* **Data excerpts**
===
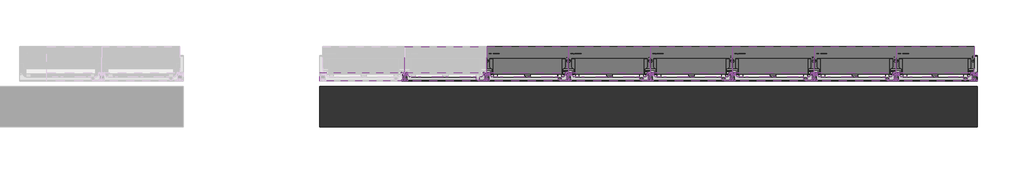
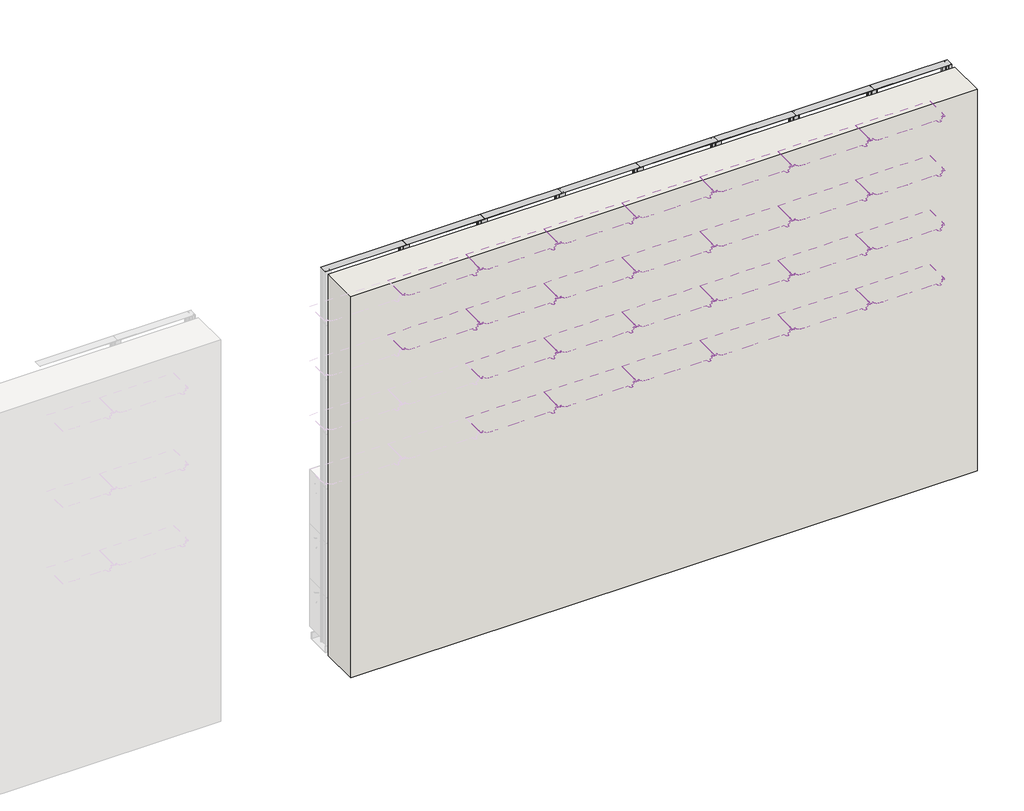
# One storey, part 3 of 3: 69 members, 44 coverings, 1 wall.
"""IFC4 building model written with IfcOpenShell, lengths in millimetres."""

from ifc_helpers import new_model, si_unit, origin, origin_with_axes, place, context, project, spatial, polyline, outline, extrude, transform, mapped, element, save
from components import covering_7a5a7cfb, covering_14e27d56, covering_4c2a7df2, covering_16bc3edb, covering_8846b90d, covering_6783e6d6, covering_dcb4c012, covering_a6f7bad7, covering_4e535264, covering_ffdf41f5, covering_7d83ccac, covering_c7b0dbd7, montante_rettangolare_9a79dadd, montante_rettangolare_b34aec30, montante_rettangolare_631e3b4a, montante_rettangolare_e932fd89, montante_rettangolare_6998f733, montante_rettangolare_dbf9407e, montante_rettangolare_a1bb0029, montante_rettangolare_babdd543, montante_rettangolare_953541ee, montante_rettangolare_093b8246, montante_rettangolare_ba41fc1c

model = new_model("IFC4")

# Units and contexts
model_context = context("Model", 3, world=origin())
ifc_project = project(units=[si_unit("LENGTHUNIT", "METRE", prefix="MILLI")], contexts=[model_context])

# Site, building, storey
site = spatial("IfcSite", under=ifc_project)
building = spatial("IfcBuilding", under=site)
storey = spatial("IfcBuildingStorey", under=building, Name="Plant view - Fine details level - VP Modulo", Elevation=0.0)

# Coverings
placement = place(None, origin())
covering_shape = covering_7a5a7cfb(model_context)
covering_2_shape = covering_14e27d56(model_context)
element("IfcCovering", 1, ObjectType="panel VP Modulo prova ultima texture : panel VP Modulo prova ultima texture", at=placement, inside=storey, context=model_context, shape_type="MappedRepresentation", body=[
    mapped(covering_shape, transform((12126.1795041, -498.0626129, 52.4801246), x_axis=(1.0, 0.0, 0.0), y_axis=(0.0, 1.0, 0.0), z_axis=(0.0, 0.0, 1.0))),
    mapped(covering_2_shape, transform((12126.1795041, -498.0626129, 52.4801246), x_axis=(1.0, 0.0, 0.0), y_axis=(0.0, 1.0, 0.0), z_axis=(0.0, 0.0, 1.0))),
])
element("IfcCovering", 2, ObjectType="panel VP Modulo prova ultima texture : panel VP Modulo prova ultima texture", at=placement, inside=storey, context=model_context, shape_type="MappedRepresentation", body=[
    mapped(covering_shape, transform((12726.1795041, -498.0626129, 52.4801246), x_axis=(1.0, 0.0, 0.0), y_axis=(0.0, 1.0, 0.0), z_axis=(0.0, 0.0, 1.0))),
    mapped(covering_2_shape, transform((12726.1795041, -498.0626129, 52.4801246), x_axis=(1.0, 0.0, 0.0), y_axis=(0.0, 1.0, 0.0), z_axis=(0.0, 0.0, 1.0))),
])
element("IfcCovering", 3, ObjectType="panel VP Modulo prova ultima texture : panel VP Modulo prova ultima texture", at=placement, inside=storey, context=model_context, shape_type="MappedRepresentation", body=[
    mapped(covering_shape, transform((13326.1795041, -498.0626129, 52.4801246), x_axis=(1.0, 0.0, 0.0), y_axis=(0.0, 1.0, 0.0), z_axis=(0.0, 0.0, 1.0))),
    mapped(covering_2_shape, transform((13326.1795041, -498.0626129, 52.4801246), x_axis=(1.0, 0.0, 0.0), y_axis=(0.0, 1.0, 0.0), z_axis=(0.0, 0.0, 1.0))),
])
element("IfcCovering", 4, ObjectType="panel VP Modulo prova ultima texture : panel VP Modulo prova ultima texture", at=placement, inside=storey, context=model_context, shape_type="MappedRepresentation", body=[
    mapped(covering_shape, transform((13926.1795041, -498.0626129, 52.4801246), x_axis=(1.0, 0.0, 0.0), y_axis=(0.0, 1.0, 0.0), z_axis=(0.0, 0.0, 1.0))),
    mapped(covering_2_shape, transform((13926.1795041, -498.0626129, 52.4801246), x_axis=(1.0, 0.0, 0.0), y_axis=(0.0, 1.0, 0.0), z_axis=(0.0, 0.0, 1.0))),
])
element("IfcCovering", 5, ObjectType="panel VP Modulo prova ultima texture : panel VP Modulo prova ultima texture", at=placement, inside=storey, context=model_context, shape_type="MappedRepresentation", body=[
    mapped(covering_shape, transform((14526.1795041, -498.0626129, 52.4801246), x_axis=(1.0, 0.0, 0.0), y_axis=(0.0, 1.0, 0.0), z_axis=(0.0, 0.0, 1.0))),
    mapped(covering_2_shape, transform((14526.1795041, -498.0626129, 52.4801246), x_axis=(1.0, 0.0, 0.0), y_axis=(0.0, 1.0, 0.0), z_axis=(0.0, 0.0, 1.0))),
])
covering_3_shape = covering_4c2a7df2(model_context)
covering_4_shape = covering_16bc3edb(model_context)
element("IfcCovering", 6, ObjectType="panel VP Modulo prova ultima texture : panel VP Modulo prova ultima texture", at=placement, inside=storey, context=model_context, shape_type="MappedRepresentation", body=[
    mapped(covering_3_shape, transform((15112.41991, -498.0626129, 52.4801246), x_axis=(1.0, 0.0, 0.0), y_axis=(0.0, 1.0, 0.0), z_axis=(0.0, 0.0, 1.0))),
    mapped(covering_4_shape, transform((15112.41991, -498.0626129, 52.4801246), x_axis=(1.0, 0.0, 0.0), y_axis=(0.0, 1.0, 0.0), z_axis=(0.0, 0.0, 1.0))),
])
covering_5_shape = covering_8846b90d(model_context)
covering_6_shape = covering_6783e6d6(model_context)
element("IfcCovering", 7, ObjectType="panel VP Modulo prova ultima texture : panel VP Modulo prova ultima texture", at=placement, inside=storey, context=model_context, shape_type="MappedRepresentation", body=[
    mapped(covering_5_shape, transform((12126.1795041, -498.0626129, 442.8571429), x_axis=(1.0, 0.0, 0.0), y_axis=(0.0, 1.0, 0.0), z_axis=(0.0, 0.0, 1.0))),
    mapped(covering_6_shape, transform((12126.1795041, -498.0626129, 442.8571429), x_axis=(1.0, 0.0, 0.0), y_axis=(0.0, 1.0, 0.0), z_axis=(0.0, 0.0, 1.0))),
])
element("IfcCovering", 8, ObjectType="panel VP Modulo prova ultima texture : panel VP Modulo prova ultima texture", at=placement, inside=storey, context=model_context, shape_type="MappedRepresentation", body=[
    mapped(covering_5_shape, transform((12726.1795041, -498.0626129, 442.8571429), x_axis=(1.0, 0.0, 0.0), y_axis=(0.0, 1.0, 0.0), z_axis=(0.0, 0.0, 1.0))),
    mapped(covering_6_shape, transform((12726.1795041, -498.0626129, 442.8571429), x_axis=(1.0, 0.0, 0.0), y_axis=(0.0, 1.0, 0.0), z_axis=(0.0, 0.0, 1.0))),
])
element("IfcCovering", 9, ObjectType="panel VP Modulo prova ultima texture : panel VP Modulo prova ultima texture", at=placement, inside=storey, context=model_context, shape_type="MappedRepresentation", body=[
    mapped(covering_5_shape, transform((13326.1795041, -498.0626129, 442.8571429), x_axis=(1.0, 0.0, 0.0), y_axis=(0.0, 1.0, 0.0), z_axis=(0.0, 0.0, 1.0))),
    mapped(covering_6_shape, transform((13326.1795041, -498.0626129, 442.8571429), x_axis=(1.0, 0.0, 0.0), y_axis=(0.0, 1.0, 0.0), z_axis=(0.0, 0.0, 1.0))),
])
element("IfcCovering", 10, ObjectType="panel VP Modulo prova ultima texture : panel VP Modulo prova ultima texture", at=placement, inside=storey, context=model_context, shape_type="MappedRepresentation", body=[
    mapped(covering_5_shape, transform((13926.1795041, -498.0626129, 442.8571429), x_axis=(1.0, 0.0, 0.0), y_axis=(0.0, 1.0, 0.0), z_axis=(0.0, 0.0, 1.0))),
    mapped(covering_6_shape, transform((13926.1795041, -498.0626129, 442.8571429), x_axis=(1.0, 0.0, 0.0), y_axis=(0.0, 1.0, 0.0), z_axis=(0.0, 0.0, 1.0))),
])
element("IfcCovering", 11, ObjectType="panel VP Modulo prova ultima texture : panel VP Modulo prova ultima texture", at=placement, inside=storey, context=model_context, shape_type="MappedRepresentation", body=[
    mapped(covering_5_shape, transform((14526.1795041, -498.0626129, 442.8571429), x_axis=(1.0, 0.0, 0.0), y_axis=(0.0, 1.0, 0.0), z_axis=(0.0, 0.0, 1.0))),
    mapped(covering_6_shape, transform((14526.1795041, -498.0626129, 442.8571429), x_axis=(1.0, 0.0, 0.0), y_axis=(0.0, 1.0, 0.0), z_axis=(0.0, 0.0, 1.0))),
])
element("IfcCovering", 12, ObjectType="panel VP Modulo prova ultima texture : panel VP Modulo prova ultima texture", at=placement, inside=storey, context=model_context, shape_type="MappedRepresentation", body=[
    mapped(covering_5_shape, transform((12126.1795041, -498.0626129, 885.7142857), x_axis=(1.0, 0.0, 0.0), y_axis=(0.0, 1.0, 0.0), z_axis=(0.0, 0.0, 1.0))),
    mapped(covering_6_shape, transform((12126.1795041, -498.0626129, 885.7142857), x_axis=(1.0, 0.0, 0.0), y_axis=(0.0, 1.0, 0.0), z_axis=(0.0, 0.0, 1.0))),
])
element("IfcCovering", 13, ObjectType="panel VP Modulo prova ultima texture : panel VP Modulo prova ultima texture", at=placement, inside=storey, context=model_context, shape_type="MappedRepresentation", body=[
    mapped(covering_5_shape, transform((12726.1795041, -498.0626129, 885.7142857), x_axis=(1.0, 0.0, 0.0), y_axis=(0.0, 1.0, 0.0), z_axis=(0.0, 0.0, 1.0))),
    mapped(covering_6_shape, transform((12726.1795041, -498.0626129, 885.7142857), x_axis=(1.0, 0.0, 0.0), y_axis=(0.0, 1.0, 0.0), z_axis=(0.0, 0.0, 1.0))),
])
element("IfcCovering", 14, ObjectType="panel VP Modulo prova ultima texture : panel VP Modulo prova ultima texture", at=placement, inside=storey, context=model_context, shape_type="MappedRepresentation", body=[
    mapped(covering_5_shape, transform((13326.1795041, -498.0626129, 885.7142857), x_axis=(1.0, 0.0, 0.0), y_axis=(0.0, 1.0, 0.0), z_axis=(0.0, 0.0, 1.0))),
    mapped(covering_6_shape, transform((13326.1795041, -498.0626129, 885.7142857), x_axis=(1.0, 0.0, 0.0), y_axis=(0.0, 1.0, 0.0), z_axis=(0.0, 0.0, 1.0))),
])
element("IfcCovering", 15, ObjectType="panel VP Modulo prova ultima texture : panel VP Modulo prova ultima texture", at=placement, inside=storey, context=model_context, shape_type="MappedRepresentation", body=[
===
* **TRY IT**
The reply is to be one number, the count of lines in the records above that contain "from".

* **WRITTEN RESPONSE**
2